Deep Dive
1. Upcoming Halving & Supply Dynamics (Bullish Impact)
Overview: Nervos uses a dual-issuance model. Its primary issuance—the base mining reward—halves every four years. The next halving is scheduled for November 2027, reducing the annual primary issuance from 2.1 billion to 1.05 billion CKB (CoinMarketCap). This programmed reduction in new supply is a structural bullish factor.
What this means: Historically, halving events create a supply shock that can precede price rallies if network demand is steady or increasing. For CKB, this could amplify price sensitivity to any positive adoption trends leading up to late 2027, offering a clear long-term valuation anchor.
2. Bitcoin Layer 2 Competitive Landscape (Mixed Impact)
Overview: CKB is pivoting to become a native Bitcoin Layer 2 via its RGB++ protocol and Fiber Network. This aligns with the growing BTCFi narrative. As of June 2025, its ecosystem reported over 400 dApps and 662,000 addresses (Binance News).
What this means: This is a high-risk, high-reward strategy. Successful adoption could significantly increase CKB's utility as gas and collateral, driving demand. However, it faces intense competition from other L2s and must overcome technical complexity to attract developers, making its traction a critical watchpoint.
3. Security Incidents and Market Access (Bearish Impact)
Overview: The project suffered a major security breach in June 2025, with its Force Bridge hacked for approximately $3.9 million (CryptoNewsLand). Furthermore, KuCoin delisted CKB from margin trading in May 2026, reducing liquidity and access.

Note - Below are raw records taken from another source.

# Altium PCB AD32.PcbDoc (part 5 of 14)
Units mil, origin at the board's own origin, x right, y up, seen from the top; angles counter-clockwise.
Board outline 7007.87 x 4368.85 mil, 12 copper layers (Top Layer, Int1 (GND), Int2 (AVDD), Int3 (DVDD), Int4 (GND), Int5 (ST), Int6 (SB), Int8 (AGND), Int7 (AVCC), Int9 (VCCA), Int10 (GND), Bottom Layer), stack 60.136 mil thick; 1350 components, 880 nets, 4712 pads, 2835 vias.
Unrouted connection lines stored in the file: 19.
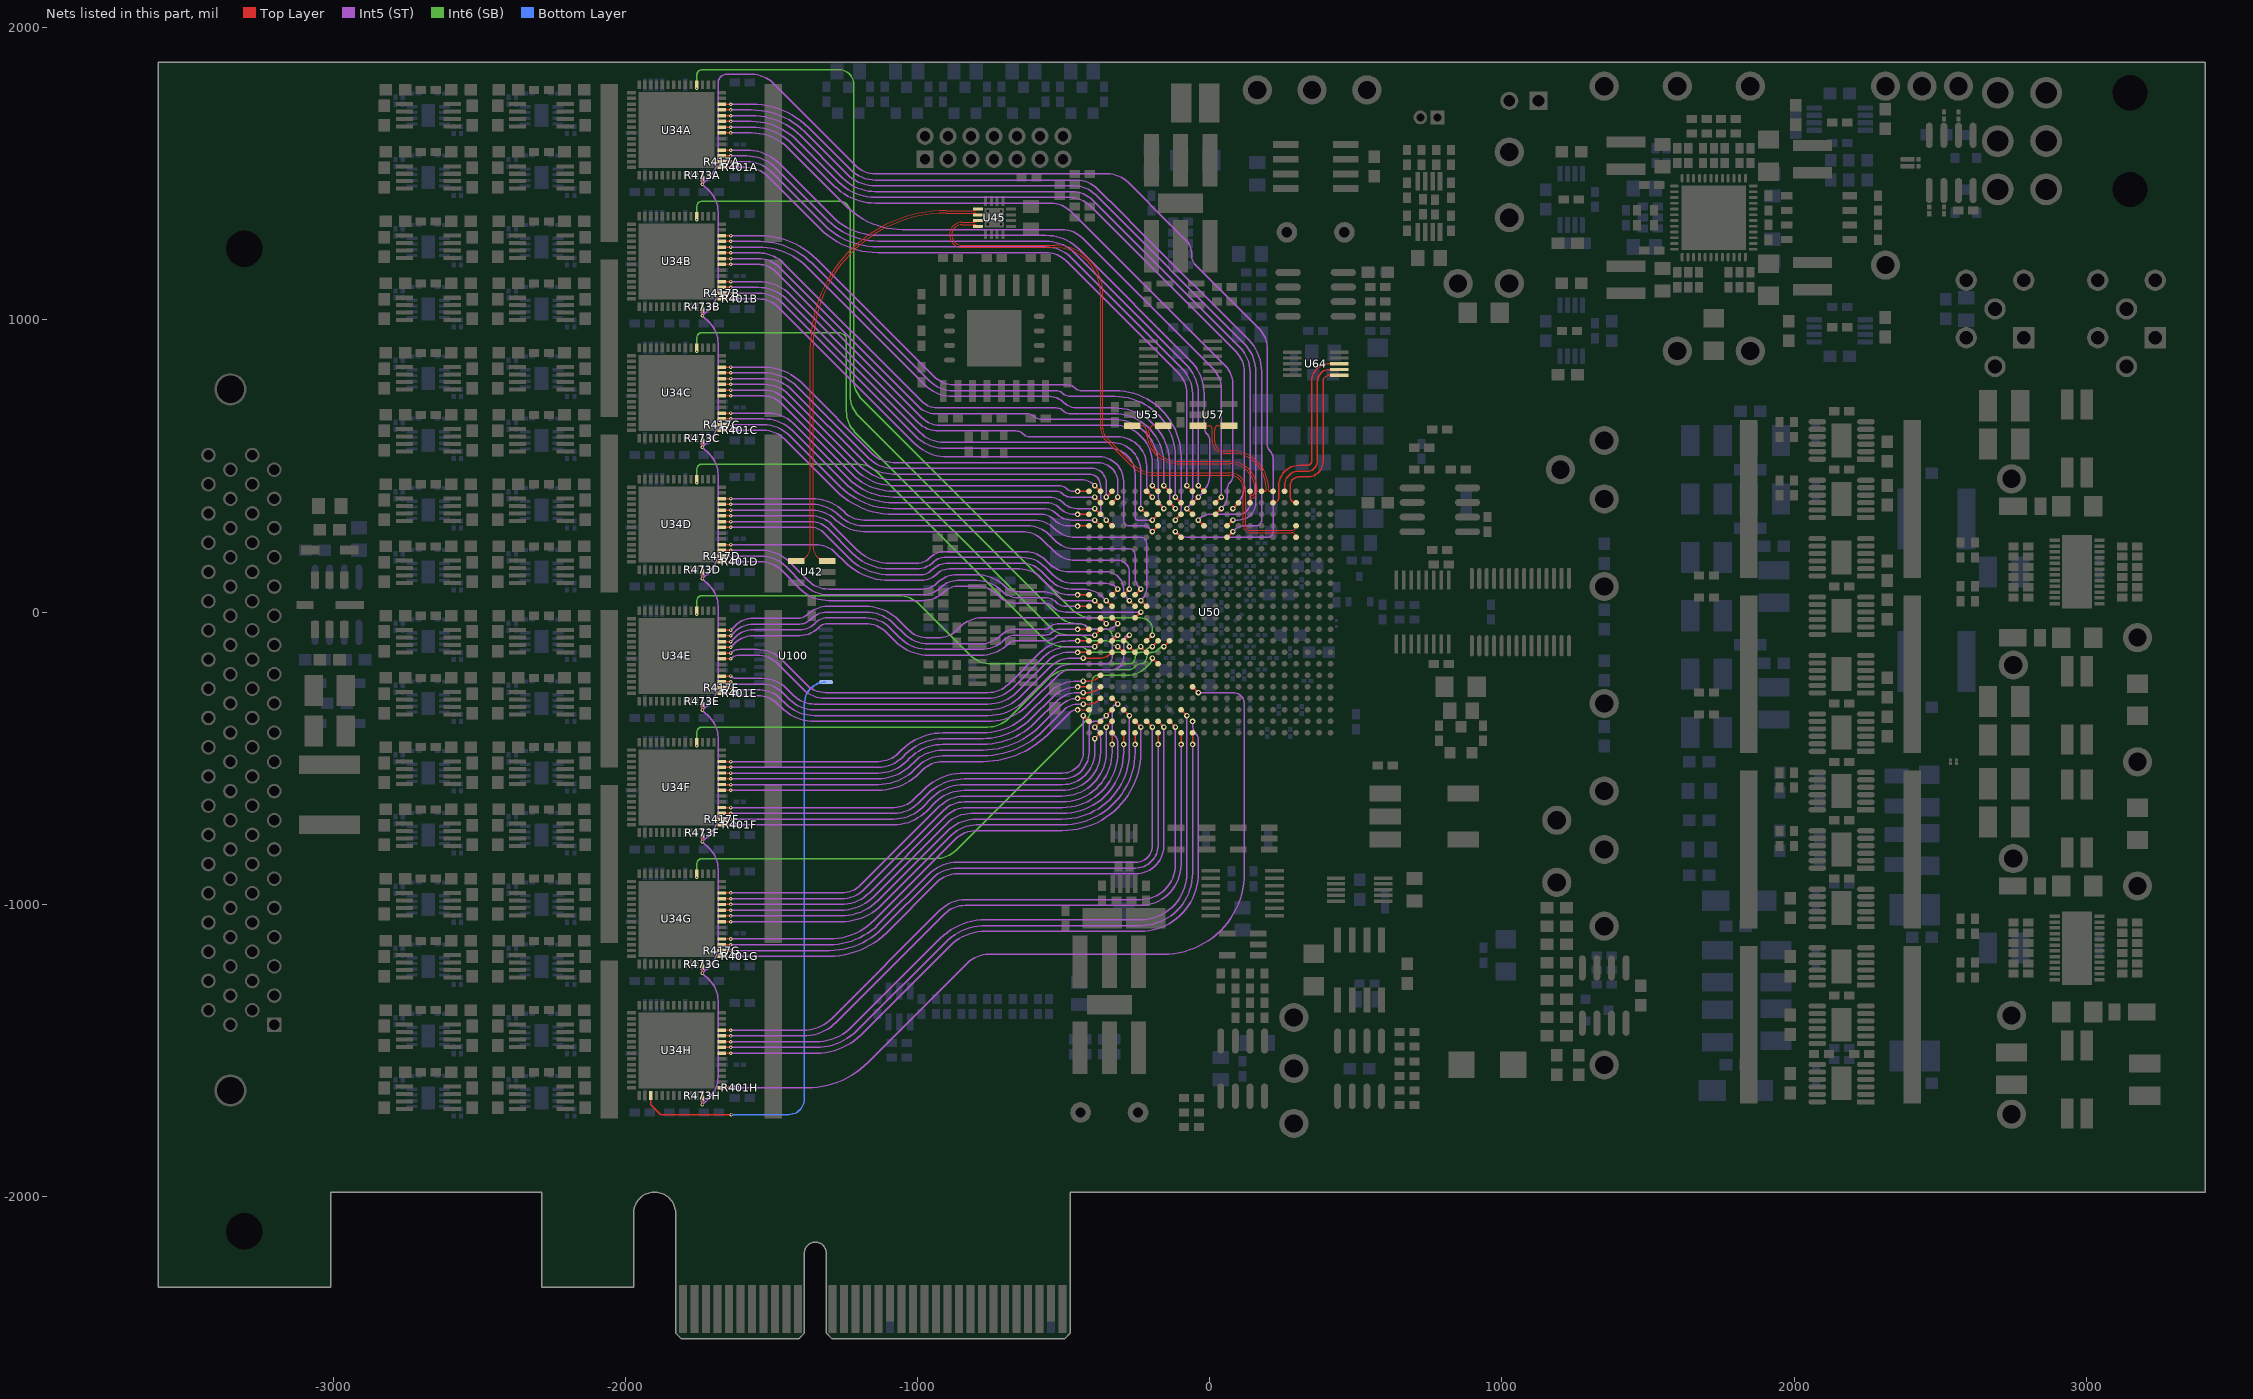
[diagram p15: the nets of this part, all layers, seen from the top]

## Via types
v1: diameter 12, hole 6, Top Layer to Bottom Layer, tented both sides, 1497 vias
v2: diameter 20, hole 10, Top Layer to Bottom Layer, tented both sides, 364 vias
v3: diameter 19, hole 10, Top Layer to Bottom Layer, tented both sides, 347 vias
v4: diameter 14, hole 7, Top Layer to Bottom Layer, tented both sides, 228 vias
v5: diameter 19.68, hole 7.87, Top Layer to Bottom Layer, 225 vias
v6: diameter 19.02, hole 10, Top Layer to Bottom Layer, tented both sides, 85 vias
v7: diameter 20, hole 10, Top Layer to Bottom Layer, 32 vias
v8: diameter 40, hole 20, Top Layer to Bottom Layer, tented both sides, 14 vias
v9: diameter 30, hole 15, Top Layer to Bottom Layer, tented both sides, 12 vias
v10: diameter 25, hole 13, Top Layer to Bottom Layer, 8 vias
v11: diameter 40, hole 20, Top Layer to Bottom Layer, 6 vias
v12: diameter 50, hole 20, Top Layer to Bottom Layer, 6 vias
v13: diameter 66, hole 47, Top Layer to Bottom Layer, tented both sides, 3 vias
v14: diameter 63, hole 45, Top Layer to Bottom Layer, 2 vias
v15: diameter 50, hole 25, Top Layer to Bottom Layer, 2 vias
v16: diameter 12, hole 6, Top Layer to Bottom Layer, 2 vias
v17: diameter 60, hole 40, Top Layer to Bottom Layer, tented both sides, 1 vias
v18: diameter 60, hole 40, Top Layer to Bottom Layer, 1 vias

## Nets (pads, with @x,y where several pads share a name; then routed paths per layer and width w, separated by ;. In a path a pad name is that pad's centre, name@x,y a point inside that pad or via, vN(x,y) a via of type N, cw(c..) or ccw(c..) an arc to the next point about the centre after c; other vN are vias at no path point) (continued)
ACLK8: U34H.45 U100.8 | length 2070.8
  Top Layer w5: U34H.45@-1913.58,-1654.62 -1913.58,-1686.42 -1880,-1720 v1(-1637.5,-1720)
  Bottom Layer w5: v1(-1637.5,-1720) -1442.36,-1720 ccw(c-1442.36,-1665.14) -1387.5,-1665.14 -1387.5,-313.29 cw(c-1313.78,-313.29) U100.8@-1313.78,-239.57
ACLK.ACLKF: U50.AA6 U64.8 | length 632.8
  Top Layer w5: U50.AA6@216.54,374.02 ccw(c216.54,393.7) 236.22,393.7 236.22,433.07 cw(c305.12,433.07) 305.12,501.97 334.65,501.97 ccw(c334.65,515.75) 348.43,515.75 348.43,788.98 cw(c409.45,788.98) 409.21,850 ; U64.8@443.21,850 409.45,850 ; 409.21,850 cw(c409.45,788.98) 409.45,850 ; 409.21,850 409.45,850
ACLK.ACNVF: U50.AA4 U64.6 | length 570.9
  Top Layer w5: U50.AA4@295.28,374.02 cw(c295.28,393.7) 275.59,393.7 275.59,433.07 cw(c305.12,433.07) 305.12,462.6 334.65,462.6 ccw(c334.65,515.75) 387.8,515.75 387.8,788.98 cw(c409.45,788.98) 409.21,810.63 ; U64.6@443.21,810.63 409.45,810.63 ; 409.21,810.63 cw(c409.45,788.98) 409.45,810.63 ; 409.21,810.63 409.45,810.63
ACLK.AINF: U50.AB5 U64.7 | length 551.2
  Top Layer w5: U50.AB5@255.91,413.39 255.91,433.07 cw(c305.12,433.07) 305.12,482.28 334.65,482.28 ccw(c334.65,515.75) 368.11,515.75 368.11,788.98 cw(c409.45,788.98) 409.21,830.31 ; U64.7@443.21,830.32 409.45,830.32 ; 409.21,830.31 cw(c409.45,788.98) 409.45,830.32 ; 409.21,830.32 409.45,830.32
ACLK.CNTROUTF_N: U50.AA8 U53.4 | length 606.2
  Top Layer w4: U53.4@-159.35,637.6 -190.98,637.6 ccw(c-190.98,620.08) -208.5,620.08 -208.5,615.87 ccw(c-108.5,615.87) -108.5,515.87 68.98,515.87 cw(c68.98,423.31) 161.54,423.31 161.54,411.48 cw(c139.76,411.48) 139.76,389.7 ccw(c139.76,387.73) 137.8,387.73 U50.AA8@137.8,374.02
ACLK.CNTROUTF_P: U50.AB8 U53.3 | length 593.6
  Top Layer w4: U53.3@-265.65,637.6 -234.02,637.6 cw(c-234.02,620.08) -216.5,620.08 -216.5,615.87 ccw(c-108.5,615.87) -108.5,507.87 68.98,507.87 cw(c68.98,423.31) 153.54,423.31 153.54,411.48 cw(c139.76,411.48) 139.76,397.7 cw(c139.76,399.67) 137.8,399.67 U50.AB8@137.8,413.39
ACLK.OSCCLKA_N: U42.3 U45.10 | length 1587.8
  Top Layer w4: U42.3@-1309.35,174.9 cw(c-1309.35,223.55) -1358,223.55 -1358,909.32 cw(c-902.14,909.32) -902.14,1365.19 -806.89,1365.19 cw(c-806.89,1346.94) U45.10@-794,1359.84
ACLK.OSCCLKA_P: U42.4 U45.9 | length 1602
  Top Layer w4: U42.4@-1415.65,174.9 ccw(c-1415.65,223.55) -1367,223.55 -1367,909.32 cw(c-902.14,909.32) -902.14,1374.19 -806.89,1374.19 ccw(c-806.89,1392.43) U45.9@-794,1379.53
ACLK.OSCCLKF_N: U45.11 U50.V4 | length 2134.8
  Top Layer w4: -891.21,1291.8 ccw(c-847.32,1291.8) -847.32,1247.91 -529.95,1247.91 cw(c-529.95,1091.97) -374.02,1091.97 -374.02,629.92 ccw(c-316.99,629.92) -357.31,589.6 -267.73,500.01 ccw(c-191.36,576.38) -191.36,468.38 68.9,468.38 cw(c68.9,423.1) 114.17,423.1 114.17,296.72 ccw(c139.3,296.72) 139.3,271.59 279.59,271.59 cw(c279.59,255.91) U50.V4@295.28,255.91
  Top Layer w4.02: -891.21,1291.8 cw(c-848.68,1291.8) -848.68,1334.33 -808.06,1334.33 ccw(c-808.06,1354.22) U45.11@-794,1340.16
ACLK.OSCCLKF_P: U45.12 U50.W4 | length 2109.7
  Top Layer w4: -883.21,1291.8 ccw(c-847.32,1291.8) -847.32,1255.91 -529.95,1255.91 cw(c-529.95,1091.97) -366.02,1091.97 -366.02,629.92 ccw(c-316.99,629.92) -351.66,595.25 -262.07,505.67 ccw(c-191.36,576.38) -191.36,476.38 68.9,476.38 cw(c68.9,423.1) 122.17,423.1 122.17,296.72 ccw(c139.3,296.72) 139.3,279.59 279.59,279.59 ccw(c279.59,295.28) U50.W4@295.28,295.28
  Top Layer w4.02: -883.21,1291.8 cw(c-848.71,1291.8) -848.71,1326.3 -808.06,1326.3 cw(c-808.06,1306.41) U45.12@-794,1320.47
ACLK.SYNCF_N: U50.AB6 U57.4 | length 398.2
  Top Layer w4: U57.4@65.65,637.6 28.11,637.6 ccw(c28.11,625.98) 16.5,625.98 16.5,583.89 ccw(c47.89,583.89) 47.89,552.5 71.82,552.5 cw(c71.82,423.3) 200.85,416.73 ccw(c204.19,416.73) 204.19,413.39 U50.AB6@216.54,413.39
ACLK.SYNCF_P: U50.AB7 U57.3 | length 398.2
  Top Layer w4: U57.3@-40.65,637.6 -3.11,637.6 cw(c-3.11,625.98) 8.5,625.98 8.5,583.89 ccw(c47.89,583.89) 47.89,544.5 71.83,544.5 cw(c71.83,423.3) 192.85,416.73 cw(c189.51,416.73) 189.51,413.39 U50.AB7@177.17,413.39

What this means: These events directly undermine investor confidence and increase perceived risk, leading to sustained selling pressure and reduced liquidity. Recovery requires demonstrably improved security and regaining exchange support, which are significant near-term hurdles.
Conclusion
CKB's path is bifurcated: long-term potential rests on Bitcoin L2 adoption and the 2027 halving, while near-term price is constrained by security overhangs and thinning liquidity. For a holder, this implies patience is required, with volatility likely to remain high until the project rebuilds trust.
Can CKB's native BTCFi infrastructure gain meaningful adoption before the next halving, or will liquidity issues continue to dominate its price action?